BUG: generate valid `EBMModel` when merging #578

DerWeh · 2024-10-19T18:35:18Z

This PR is meant to fix #576. Upon merging, we average numerical parameters.
I would add a warning to the documentation, that we do not guarantee that EBMs produced by merge_ebms can be fitted. You often allow for so many different types of arguments, that hardly can catch every edge case meaningfully.

@paulbkoch please take a look at _initialize_ebm. Is this how you imagine handling the parameters? I would appreciate some early feedback. If this is in general what you have in mind, I'll try cleaning up the code some more. But it's quite messy, as your API is so flexible.

TODO

Cover special cases monotonize and exclude
Document limitations of parameter inference

Signed-off-by: DerWeh <[email protected]>

codecov · 2024-10-19T18:43:24Z

Codecov Report

Attention: Patch coverage is 42.59259% with 62 lines in your changes missing coverage. Please review.

Project coverage is 73.99%. Comparing base (ef742fd) to head (cbf4507).

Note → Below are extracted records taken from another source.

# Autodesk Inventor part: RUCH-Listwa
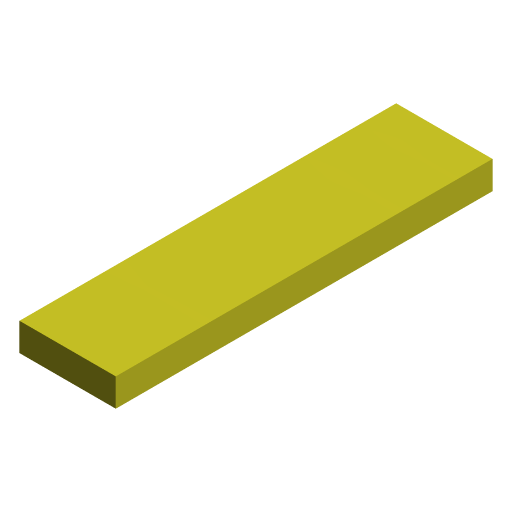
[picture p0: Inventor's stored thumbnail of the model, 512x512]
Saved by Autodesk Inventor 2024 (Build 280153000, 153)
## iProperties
Company: ATC
Created: 2023-03
Part Number: RUCH-Listwa
Document SubType Name: Modeling
Designer: Andrzej Jaskulski
Manufacturer: Standard
Standards Organization: Custom
Material: Kurs-AJ
Density: 1 g/cm^3
Appearance: Kanarkowa
Checked By: A.J.
Engr Approved By: Andrzej Jaskulski
Mfg Approved By: Andrzej Jaskulski
Authority: A.J.
Title: A.J.: Kurs R2024-MEP
Author: Andrzej Jaskulski
Revision Number: 1/24
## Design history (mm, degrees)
sketch "Szkic1"
  geometry: L1 (-12.745, -26.068)-(4.469, -26.068); L2 (4.469, -26.068)-(4.469, 41.26); L3 (4.469, 41.26)-(-12.745, 41.26); L4 (-12.745, 41.26)-(-12.745, -26.068)
  constraints: 8 end point, 2 parallel, 1 horizontal, 1 perpendicular
extrude "Wyciągnięcie proste1" new body sketch "Szkic1" distance "d0" = 5; taper "d1" = 0 deg
node "Bryła1"
node "Korpusy bryłowe"
node "Korpusy powierzchniowe"
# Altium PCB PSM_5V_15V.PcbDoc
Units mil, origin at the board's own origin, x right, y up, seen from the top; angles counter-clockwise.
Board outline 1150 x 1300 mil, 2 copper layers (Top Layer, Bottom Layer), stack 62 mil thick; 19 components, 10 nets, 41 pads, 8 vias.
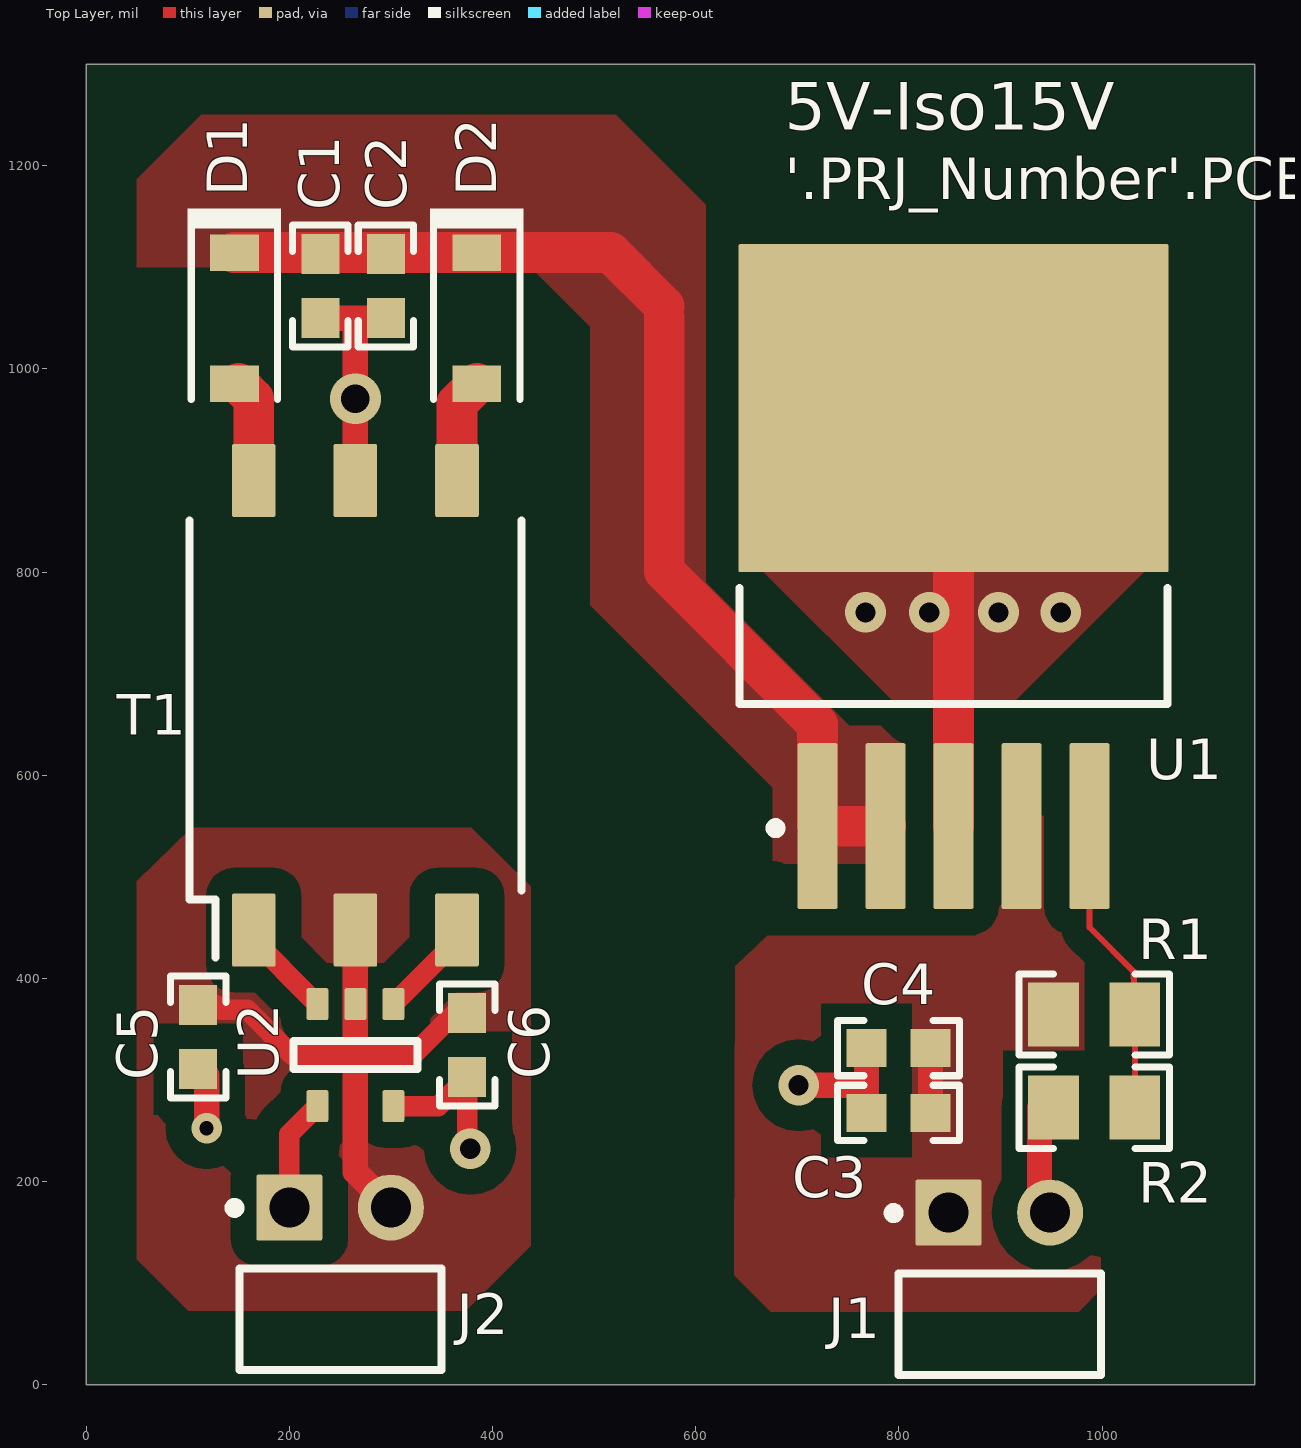
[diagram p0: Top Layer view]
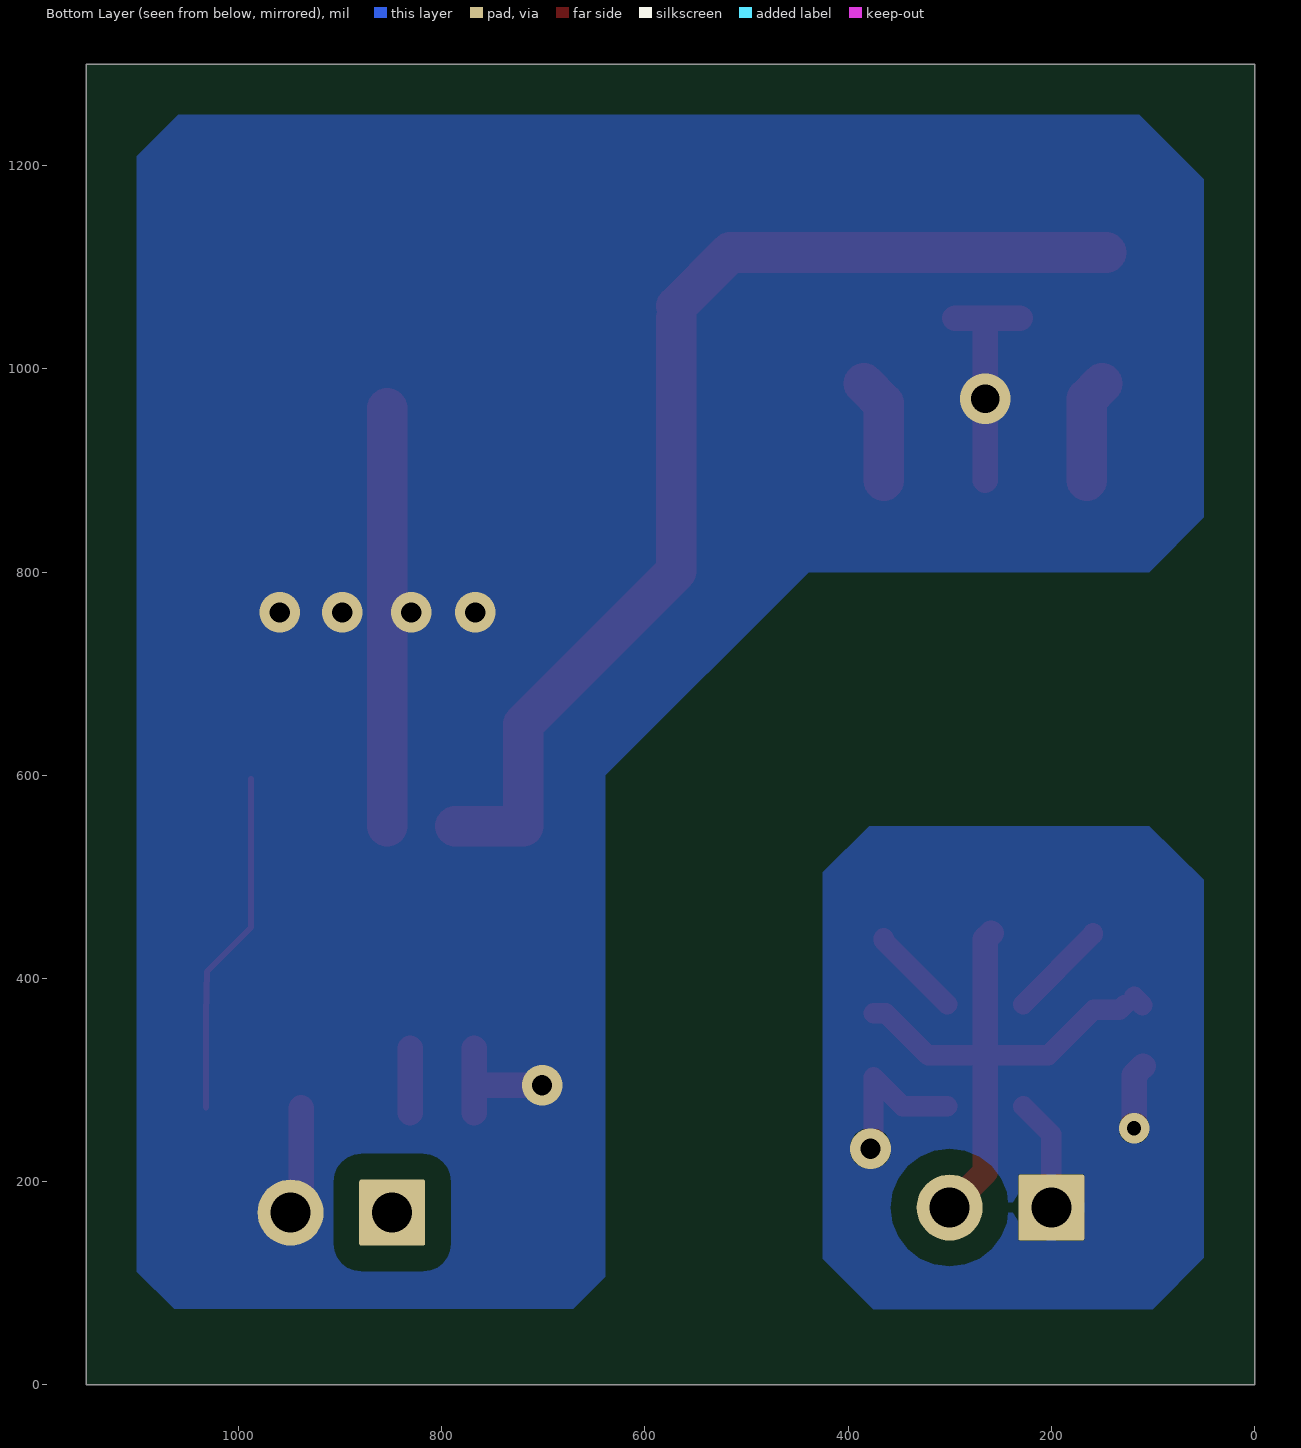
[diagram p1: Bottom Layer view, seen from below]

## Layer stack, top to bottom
Top Solder: solder mask 0.4, Solder Resist, Dk 3.5
Top Layer: signal copper 1.4
Dielectric1: core 59.2, FR-4, Dk 4.8
Bottom Layer: signal copper 1.4
Bottom Solder: solder mask 0.4, Solder Resist, Dk 3.5

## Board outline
0,0 1150,0 1150,1300 0,1300

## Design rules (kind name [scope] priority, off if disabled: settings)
AcuteAngle [All] p1: minimum=4.50000000000000E+0001 checktracksonly=FALSE
AssemblyTestPointUsage [All] p1: valid=2
BoardOutlineClearance BoardOutlineClearance_MountingHoles [OnCopper and InComponentClass('Mounting Holes')] p1: gap=39.37 ignorepadtopadclearanceinfootprint=FALSE
BoardOutlineClearance BoardOutlineClearance_Poly [OnCopper and IsPoly] p2: gap=25 ignorepadtopadclearanceinfootprint=FALSE
BoardOutlineClearance [OnCopper and Not InComponentClass('Logo') and not InComponentClass('FiducialMark') and not InRegion(1000,500,4000,800) and not InPoly] p3: gap=75 ignorepadtopadclearanceinfootprint=FALSE
Clearance Clearance_Keepouts [((IsTrack Or IsArc) And Not InPoly) And IsFree and IsKeepOut vs ((IsTrack Or IsArc) And Not InPoly) And IsFree and IsKeepOut] p1: gap=0 ignorepadtopadclearanceinfootprint=FALSE
Clearance Clearance_Poly [InPolygon] p2: gap=25 ignorepadtopadclearanceinfootprint=TRUE
Clearance Clearance_FiducialMark [IsKeepOut and InComponentClass('FiducialMark') vs IsPad and InComponentClass('FiducialMark')] p3: gap=0 ignorepadtopadclearanceinfootprint=FALSE
Clearance [All] p4: gap=7.87 ignorepadtopadclearanceinfootprint=TRUE
ComponentClearance ComponentClearance_MountingHoles_FiducialMarks [InComponentClass('Mounting Holes') vs InComponentClass('FiducialMark')] p1: gap=50 collisioncheckmode=3 verticalgap=10 showdistances=FALSE
ComponentClearance ComponentClearance_Shunt [InComponentClass('Header') vs InComponentClass('Shunt')] p2: gap=0 collisioncheckmode=3 verticalgap=0 showdistances=FALSE
ComponentClearance ComponentClearance_Logo [InComponentClass('Hardware')] p3: gap=20 collisioncheckmode=3 verticalgap=10 showdistances=FALSE
ComponentClearance ComponentClearance_ScrewToNut [(HasFootprint('NY PMS 440 0025 PH')) vs (HasFootprint('Keystone_1902C'))] p4: gap=5 collisioncheckmode=3 verticalgap=10 showdistances=FALSE
ComponentClearance ComponentClearance_MountingHoles [InComponentClass('Mounting Holes')] p5: gap=250 collisioncheckmode=3 verticalgap=100000 showdistances=FALSE
ComponentClearance ComponentClearance_SmallPassives [HasFootprint('0201*') or HasFootprint('0402*') or HasFootprint('0508') or HasFootprint('0603*') or HasFootprint('0612') or HasFootprint('0805*') or HasFootprint('0815*') or HasFootprint('0830*') or HasFootprint('1206*') or HasFootprint('1210*') or HasFootprint('1808*') or HasFootprint('1812*') or HasFootprint('1825*') or HasFootprint('2010*') or HasFootprint('2220*') or HasFootprint('2225*') or HasFootprint('2512*') or HasFootprint('2728*') or HasFootprint('3518*') vs HasFootprint('0201*') or HasFootprint('0402*') or HasFootprint('0508') or HasFootprint('0603*') or HasFootprint('0612') or HasFootprint('0805*') or HasFootprint('0815*') or HasFootprint('0830*') or HasFootprint('1206*') or HasFootprint('1210*') or HasFootprint('1808*') or HasFootprint('1812*') or HasFootprint('1825*') or HasFootprint('2010*') or HasFootprint('2220*') or HasFootprint('2225*') or HasFootprint('2512*') or HasFootprint('2728*') or HasFootprint('3518*')] p6: gap=14.96 collisioncheckmode=3 verticalgap=10 showdistances=FALSE
ComponentClearance ComponentClearance_THtoSMT [IsThruComponent vs IsSMTComponent] p7: gap=40 collisioncheckmode=3 verticalgap=30 showdistances=FALSE
ComponentClearance ComponentClearance_THtoTH [IsThruComponent vs IsThruComponent] p8: gap=30 collisioncheckmode=3 verticalgap=30 showdistances=FALSE
ComponentClearance [not InComponent('Logo2')] p9: gap=30 collisioncheckmode=3 verticalgap=10 showdistances=FALSE
DiffPairsRouting [All] p1: maxlimit=100 minlimit=10 mostfreqgap=10 toplayer_minwidth=15 toplayer_maxwidth=15 toplayer_prefwidth=15 bottomlayer_minwidth=15 bottomlayer_maxwidth=15 bottomlayer_prefwidth=15 maxuncoupledlength=1000
FabricationTestPointUsage TestPointUsage [All] p1: valid=2 allowmultiple=FALSE
FabricationTestpoint Testpoint [All] p1: side=3 testpointundercomponent=TRUE minsize=40 maxsize=100 preferedsize=60 minholesize=0 maxholesize=40 preferedholesize=32 testpointgrid=1 allowsidetop=TRUE allowsidebottom=TRUE usegrid=TRUE gridtolerance=0.01
FanoutControl Fanout_LCC [IsLCC] p1: bgadir=Out bgaviamode=Centered fanoutstyle=Auto fanoutdirection=Alternating viagrid=1 // Fanout_LCC (Default Rule)
FanoutControl Fanout_BGA [IsBGA] p2: bgadir=Out bgaviamode=Centered fanoutstyle=Auto fanoutdirection=Alternating viagrid=1 // Fanout_BGA (Default Rule)
FanoutControl Fanout_Default [All] p4: bgadir=Out bgaviamode=Centered fanoutstyle=Auto fanoutdirection=Alternating viagrid=1 // Fanout_Default (Default Rule)
FanoutControl Fanout_Small [(CompPinCount < 5)] p5: bgadir=Out bgaviamode=Centered fanoutstyle=Auto fanoutdirection=OutThenIn viagrid=1 // Fanout_Small (Default Rule)
HoleSize [All] p1: absolutevalues=TRUE maxlimit=251 minlimit=7.87 maxpercent=80.000 minpercent=20.000
MinimumAnnularRing MinimumAnnularRing_ThermalPadVias [IsVia and InAnyComponent] p1: minimumring=5.91
MinimumAnnularRing [All] p2: minimumring=7.87
MinimumSolderMaskSliver MinimumSolderMaskSliver_Logo [InComponentClass('Logo') vs InComponentClass('Logo')] p1: minsoldermaskwidth=0.7
MinimumSolderMaskSliver [All] p2: minsoldermaskwidth=3.94
PlaneConnect [All] p1: planeconnectstyle=Relief reliefexpansion=10 reliefentries=4 reliefconductorwidth=10 reliefairgap=10
PolygonConnect [All] p1: connectstyle=Direct reliefconductorwidth=10 reliefentries=4 polygonreliefangle="90 Angle" airgapwidth=10
RoutingVias ThermalPadVias [IsVia and InAnyComponent] p1: holewidth=7.87 width=19.68 viastyle="Through Hole" minholewidth=7.87 minwidth=19.68 maxholewidth=12.99 maxwidth=23.62
RoutingVias [All] p2: holewidth=16 width=34 viastyle="Through Hole" minholewidth=7.87 minwidth=26 maxholewidth=40 maxwidth=65
SilkToBoardRegionClearance [Not ((IsComment or IsDesignator) And (Hide <> 'False')) and not InRegion(1000,500,4000,800)] p1:
SilkToSilkClearance SilkToSilkClearance_Pb-FreeLogo [(HasFootprint('Pb-Free_Overlay_Medium') OR HasFootprint('Pb-Free_Overlay_Small')) vs (HasFootprint('Pb-Free_Overlay_Medium') OR HasFootprint('Pb-Free_Overlay_Small'))] p1: silktosilkclearance=0
SilkToSilkClearance [All] p2: silktosilkclearance=3.94
SilkToSolderMaskClearance SilkToComponentPadClearance [(IsPad or IsFill or IsRegion) and InAnycomponent and not ((InComponent('D1') OR InComponent('D2')))] p1: minsilkscreentomaskgap=5 clearancetoexposedcopper=TRUE
SilkToSolderMaskClearance "Silk to Solder Mask Opening" [not ((InComponent('D1') OR InComponent('D2')))] p2: minsilkscreentomaskgap=3.94 clearancetoexposedcopper=FALSE
SolderMaskExpansion [All] p1: expansion=1.97
UnRoutedNet [All] p1: checkbadconnections=TRUE
Width [All] p1: maxlimit=100 minlimit=6 preferedwidth=10 checkconnectedcopper=TRUE
14 further rules are at their usual default settings.

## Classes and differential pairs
component class AssemblyNote: ZZ1 ZZ2 ZZ3 ZZ4

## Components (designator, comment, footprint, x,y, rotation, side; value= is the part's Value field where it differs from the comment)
C1 "C1608X5R1E106M080AC" 0603 230.53,1081.5 r90 top value=10uF
C2 "GCM188R71H103KA37D" 0603 295,1081.56 r270 top value=0.01uF
C3 "C1608X5R1E106M080AC" 0603 799.55,267.72 r180 top value=10uF
C4 "GCM188R71H103KA37D" 0603 799.55,331.57 r180 top value=0.01uF
C5 "GCM188R71C105KA64D" 0603 110.26,342.32 r270 top value=1uF
C6 "CGA3E2X7R1H104K080AA" 0603 375,334.45 r270 top value=0.1uF
D1 "MBR0540T1G" SOD-123 145.93,1050.07 r270 top value=40V
D2 "MBR0540T1G" SOD-123 384.53,1050.07 r270 top value=40V
J1 "TSW-102-08-G-S-RA" TSW-102-08-G-S-RA 898.72,169.61 r0 top
J2 "TSW-102-08-G-S-RA" TSW-102-08-G-S-RA 250,174.61 r0 top
R1 "ERJ-6ENF1152V" 0805_HV 992.19,364.55 r180 top value=11.5k
R2 "ERJ-6ENF1021V" 0805_HV 992.19,272.87 r0 top value=1.02k
T1 "750316818" Wurth_750316029 265.01,668.97 r90 top value=94uH
U1 "TL1963AQKTTRQ1" KTT0005A_N 853.72,796.06 r90 top
U2 "SN6501QDBVRQ1" DBV0005A_L 265.01,324.61 r270 top
ZZ1 "This Assembly Note is for PCB labels only" AssemblyNoteLabel 60,1663 r0 top
ZZ2 "These assemblies are ESD sensitive, ESD precautions shall be observed." AssemblyNote 60,1554.11 r0 top
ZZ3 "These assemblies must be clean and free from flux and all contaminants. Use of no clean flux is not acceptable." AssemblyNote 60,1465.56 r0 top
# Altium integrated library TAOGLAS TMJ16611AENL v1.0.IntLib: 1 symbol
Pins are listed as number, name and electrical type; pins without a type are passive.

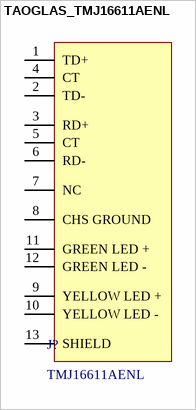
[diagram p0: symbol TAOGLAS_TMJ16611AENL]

## TAOGLAS_TMJ16611AENL
designator J?, comment TMJ16611AENL
RJ45 connector with integrated magnetics 10/100Base-T Single Port Tab-UP with right angle THT mount and LEDs; ComponentLibStatus: Created; MFG: Taoglas; Temp_High: +85C; Temp_Low: -40C
footprint TAOGLAS_TMJ16611AENL (RJ45 connector with integrated magnetics 10/100Base-T Single Port Tab-UP with right angle THT mount and LEDs)
pins: 1 TD+, 2 TD-, 3 RD+, 4 CT, 5 CT, 6 RD-, 7 NC, 8 CHS GROUND, 9 YELLOW LED +, 10 YELLOW LED -, 11 GREEN LED +, 12 GREEN LED -, 13 SHIELD
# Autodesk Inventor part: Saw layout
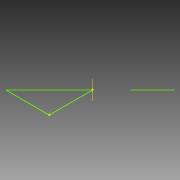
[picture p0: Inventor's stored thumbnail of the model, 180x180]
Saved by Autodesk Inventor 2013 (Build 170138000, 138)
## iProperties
Created: 2008-06
Part Number: Saw layout
Document SubType Name: Modeling
Designer: tangg
Density: 1 g/cm^3
Material: Generic
Author: tangg
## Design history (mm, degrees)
sketch "Sketch4"
  geometry: L1 (-82.286, -169.129)-(-38.592, -125.435); L2 (0, -86.843)-(86.843, 0); L3 (0, 0)-(0, -86.843); L4 (0, 0)-(86.843, 0)
  constraints: 8 end point
workpoint "Work Point4"
  workaxis "Work Axis2"
workplane "Work Plane2"
other parameters: "d1" = 45 deg

Files with missing lines	Patch %	Lines
...erpret-core/interpret/glassbox/_ebm/_merge_ebms.py	42.59%	62 Missing ⚠️

Additional details and impacted files

@@             Coverage Diff             @@
##           develop     #578      +/-   ##
===========================================
- Coverage    76.73%   73.99%   -2.74%     
===========================================
  Files           72       72              
  Lines         9622     9634      +12     
===========================================
- Hits          7383     7129     -254     
- Misses        2239     2505     +266

Flag	Coverage Δ
bdist_linux_310_python	`69.58% <42.59%> (-6.76%)`	⬇️
bdist_linux_311_python	`69.58% <42.59%> (-6.84%)`	⬇️
bdist_linux_312_python	`69.48% <42.59%> (-6.87%)`	⬇️
bdist_linux_39_python	`69.57% <42.99%> (-6.77%)`	⬇️
bdist_mac_310_python	`73.33% <42.59%> (-3.18%)`	⬇️
bdist_mac_311_python	`73.78% <42.59%> (-2.74%)`	⬇️
bdist_mac_312_python	`73.33% <42.59%> (-3.18%)`	⬇️
bdist_mac_39_python	`73.33% <42.99%> (-3.23%)`	⬇️
bdist_win_310_python	`72.78% <42.59%> (-3.76%)`	⬇️
bdist_win_311_python	`65.50% <42.59%> (-11.11%)`	⬇️
bdist_win_312_python	`58.31% <42.59%> (-18.13%)`	⬇️
bdist_win_39_python	`71.46% <42.99%> (-5.12%)`	⬇️
sdist_linux_310_python	`69.52% <42.59%> (-6.84%)`	⬇️
sdist_linux_311_python	`69.52% <42.59%> (-6.84%)`	⬇️
sdist_linux_312_python	`69.52% <42.59%> (-6.75%)`	⬇️
sdist_linux_39_python	`69.51% <42.99%> (-6.75%)`	⬇️
sdist_mac_310_python	`73.75% <42.59%> (-2.74%)`	⬇️
sdist_mac_311_python	`73.20% <42.59%> (-3.22%)`	⬇️
sdist_mac_312_python	`16.21% <9.25%> (-60.11%)`	⬇️
sdist_mac_39_python	`69.45% <42.99%> (-6.95%)`	⬇️
sdist_win_310_python	`60.04% <42.59%> (-16.50%)`	⬇️
sdist_win_311_python	`?`
sdist_win_312_python	`?`
sdist_win_39_python	`?`

Flags with carried forward coverage won't be shown. Click here to find out more.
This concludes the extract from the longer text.